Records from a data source

◇ ◇ ◇ ◇ ◇ ◇ ◇

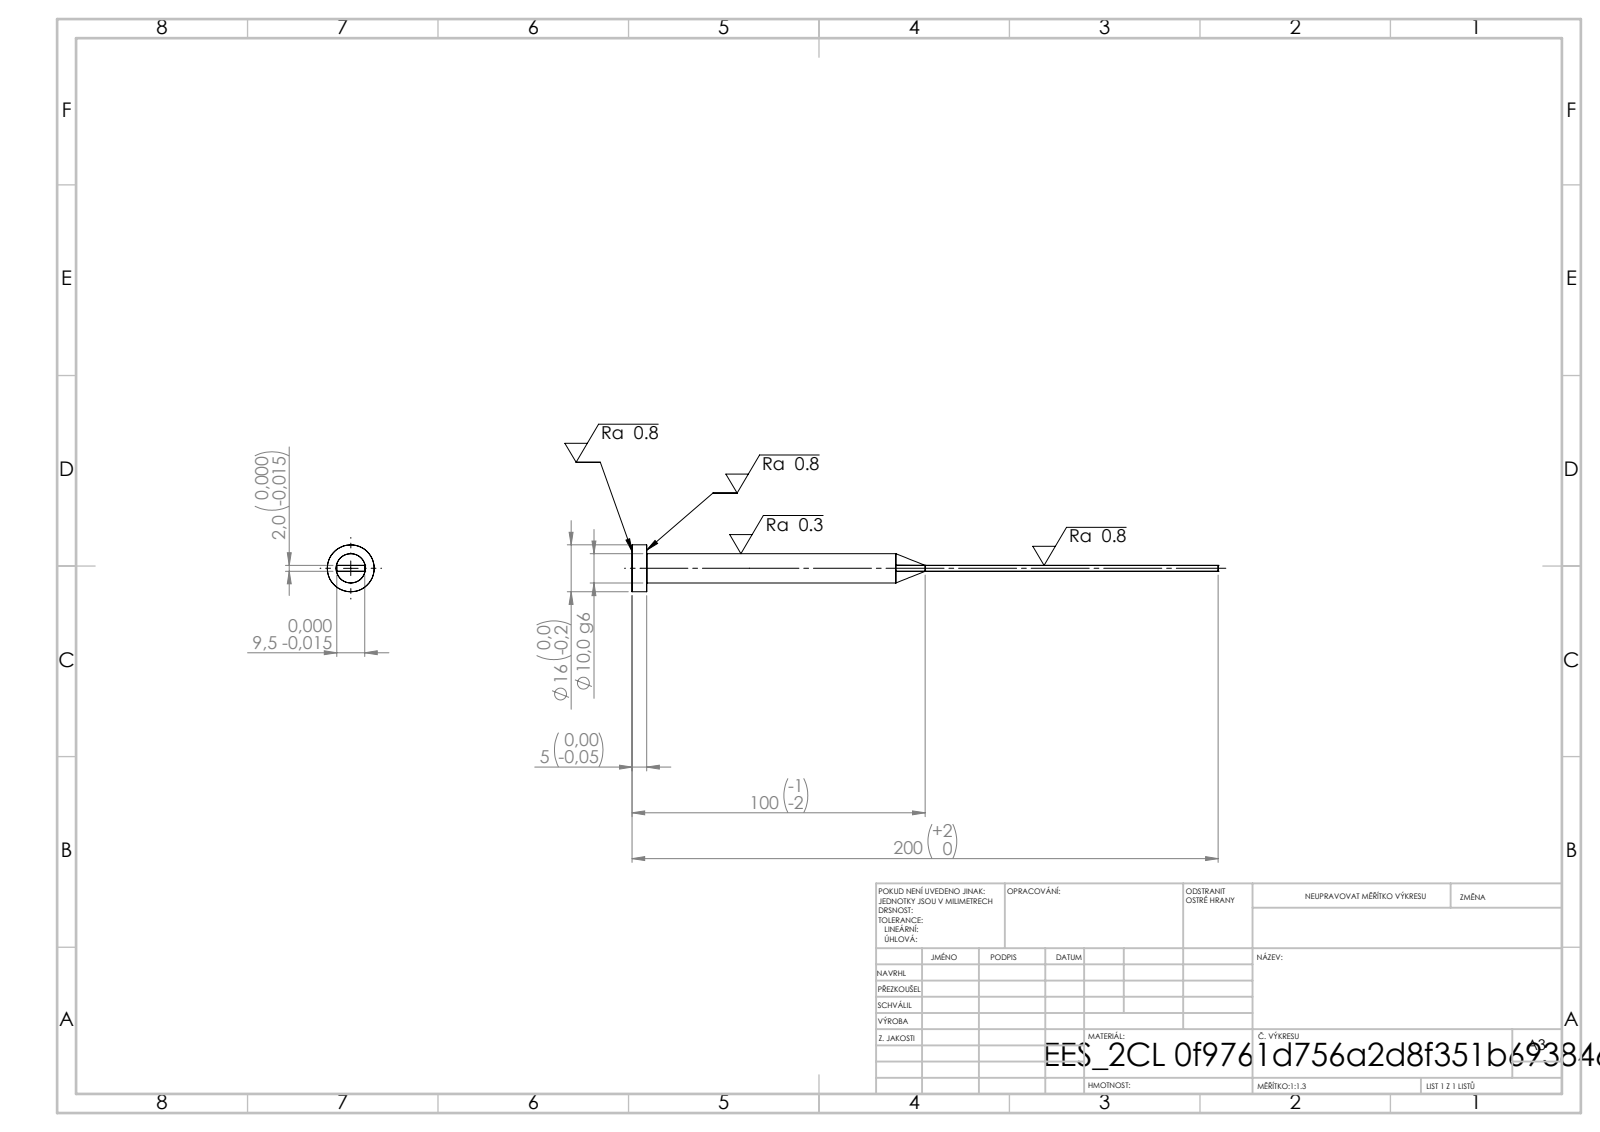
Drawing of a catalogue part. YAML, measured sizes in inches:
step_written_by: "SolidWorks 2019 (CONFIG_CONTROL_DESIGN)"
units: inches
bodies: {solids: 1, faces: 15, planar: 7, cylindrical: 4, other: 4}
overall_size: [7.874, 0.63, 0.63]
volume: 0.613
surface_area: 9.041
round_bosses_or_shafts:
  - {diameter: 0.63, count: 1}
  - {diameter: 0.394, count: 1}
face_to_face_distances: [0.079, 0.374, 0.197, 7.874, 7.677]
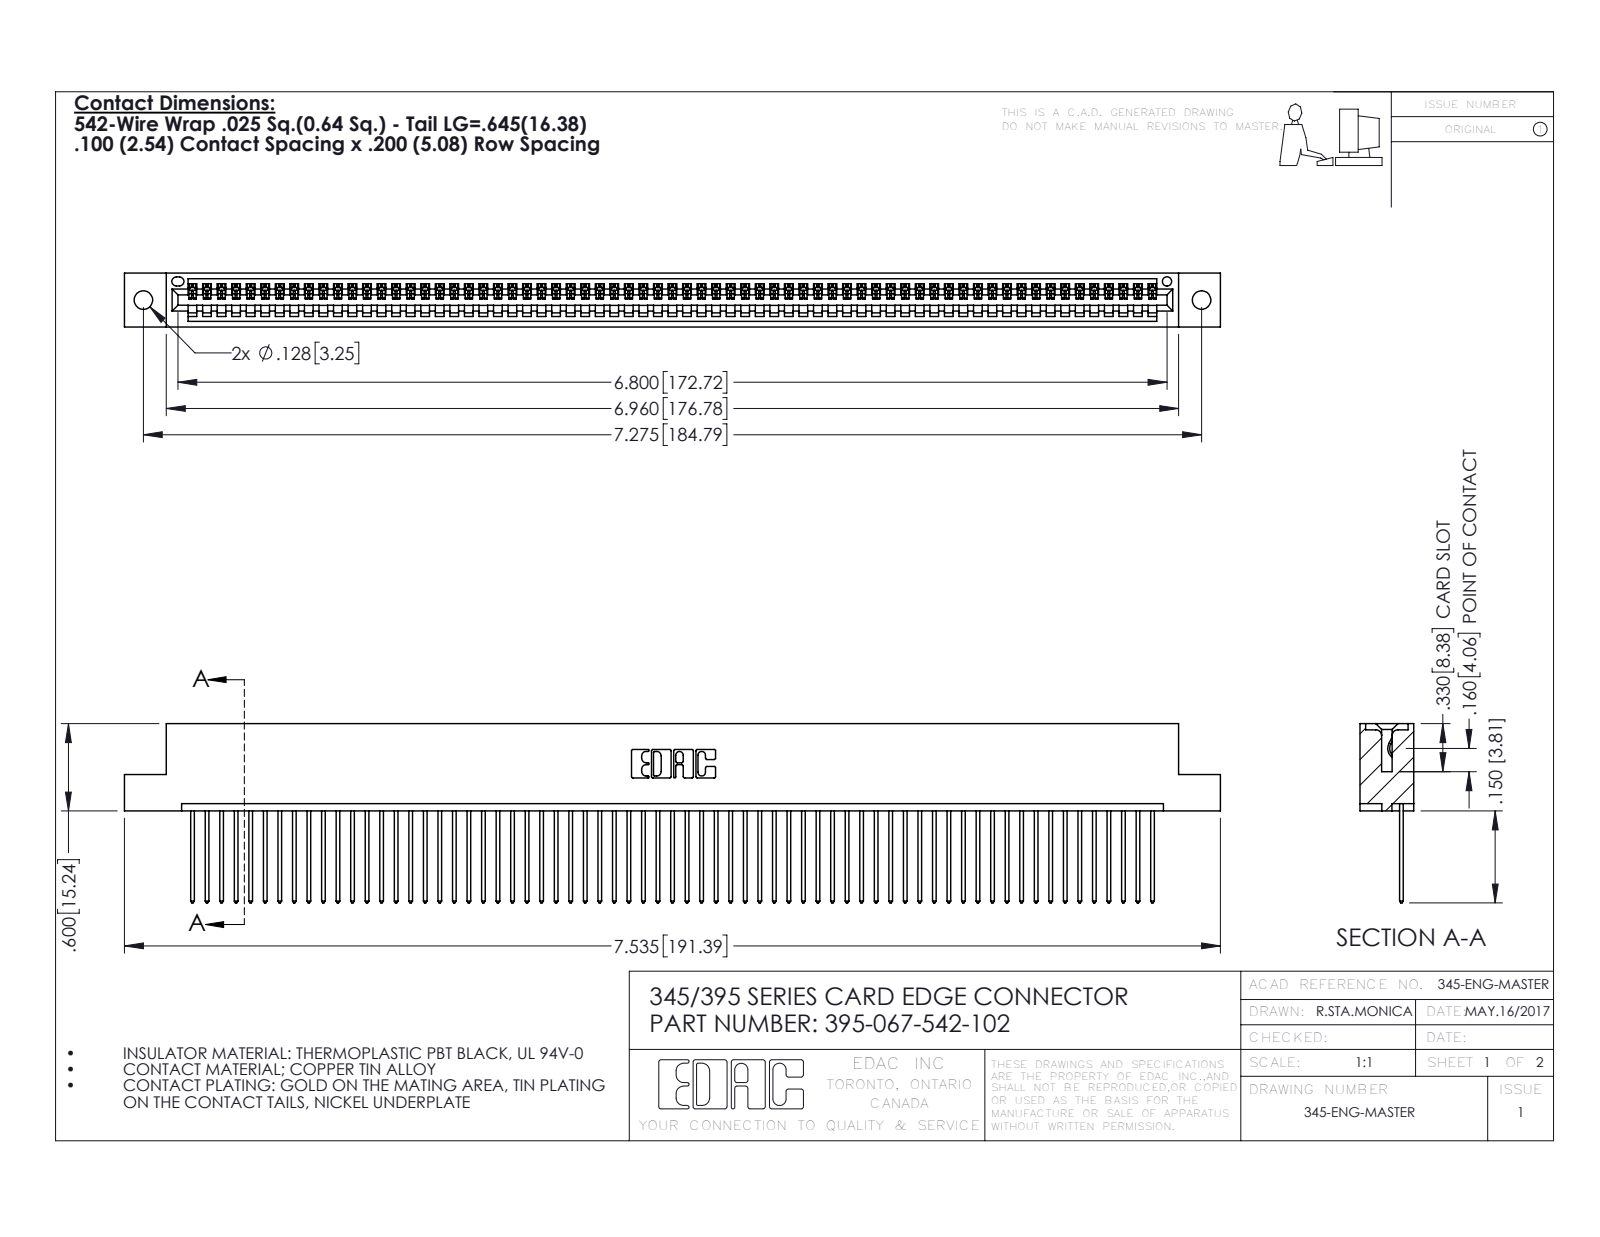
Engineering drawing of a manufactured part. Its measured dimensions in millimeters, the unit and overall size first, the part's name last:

◇ ◇ ◇ ◇ ◇ ◇ ◇

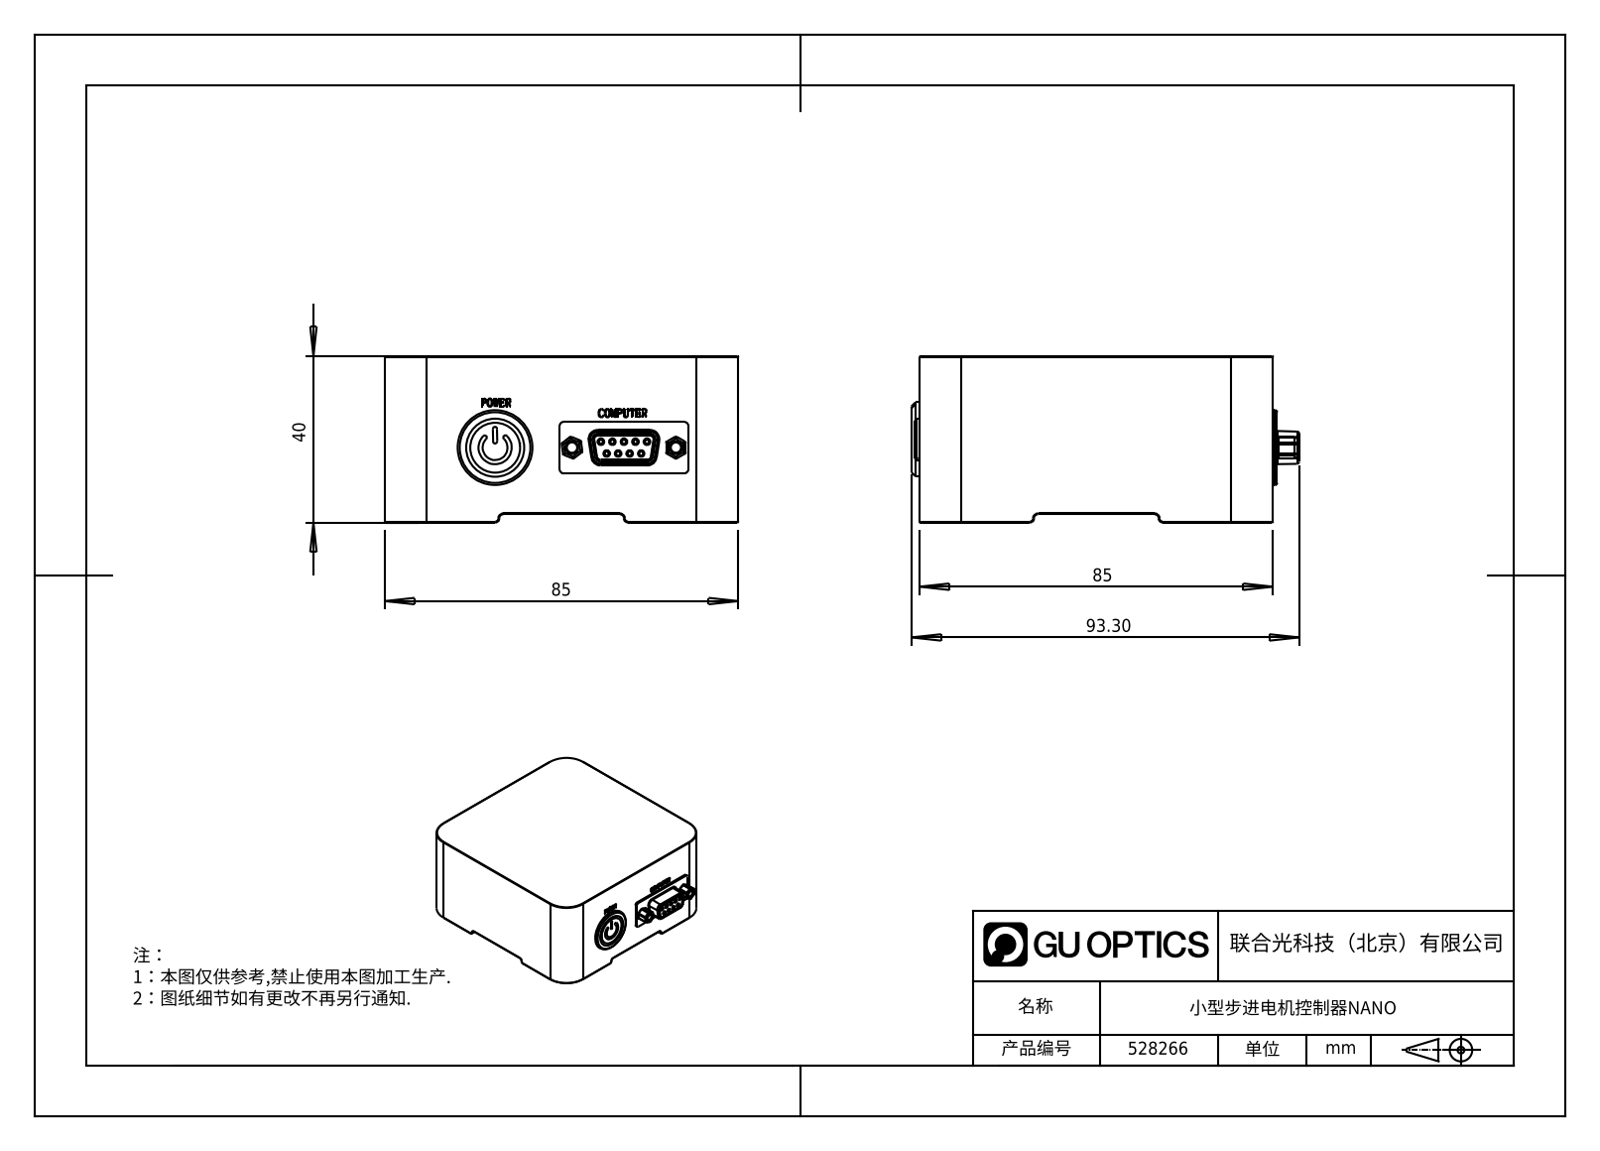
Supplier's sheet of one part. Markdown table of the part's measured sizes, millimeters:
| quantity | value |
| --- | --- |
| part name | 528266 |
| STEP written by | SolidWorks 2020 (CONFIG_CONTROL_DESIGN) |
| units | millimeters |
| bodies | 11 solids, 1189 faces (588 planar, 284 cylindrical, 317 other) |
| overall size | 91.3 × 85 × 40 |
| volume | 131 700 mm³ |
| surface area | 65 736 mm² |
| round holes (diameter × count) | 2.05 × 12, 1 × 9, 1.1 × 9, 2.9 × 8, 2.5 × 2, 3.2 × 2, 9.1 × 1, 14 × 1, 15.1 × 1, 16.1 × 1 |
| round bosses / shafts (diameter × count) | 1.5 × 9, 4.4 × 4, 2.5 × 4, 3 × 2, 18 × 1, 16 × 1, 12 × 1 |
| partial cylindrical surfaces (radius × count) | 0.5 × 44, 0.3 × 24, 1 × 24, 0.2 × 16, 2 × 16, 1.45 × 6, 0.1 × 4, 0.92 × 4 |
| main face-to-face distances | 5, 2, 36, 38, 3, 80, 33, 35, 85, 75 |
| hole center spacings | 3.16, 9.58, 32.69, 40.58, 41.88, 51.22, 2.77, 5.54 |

◇ ◇ ◇ ◇ ◇ ◇ ◇

> **Exercise goal**: Above are entries with pictures among them. Write out exactly the lines from the one containing "Drawing of a catalogue" through the one containing "Engineering drawing of", ends included, and leave those pictures out.

> **Answer**:
Drawing of a catalogue part. YAML, measured sizes in inches:
step_written_by: "SolidWorks 2019 (CONFIG_CONTROL_DESIGN)"
units: inches
bodies: {solids: 1, faces: 15, planar: 7, cylindrical: 4, other: 4}
overall_size: [7.874, 0.63, 0.63]
volume: 0.613
surface_area: 9.041
round_bosses_or_shafts:
  - {diameter: 0.63, count: 1}
  - {diameter: 0.394, count: 1}
face_to_face_distances: [0.079, 0.374, 0.197, 7.874, 7.677]
Engineering drawing of a manufactured part. Its measured dimensions in millimeters, the unit and overall size first, the part's name last:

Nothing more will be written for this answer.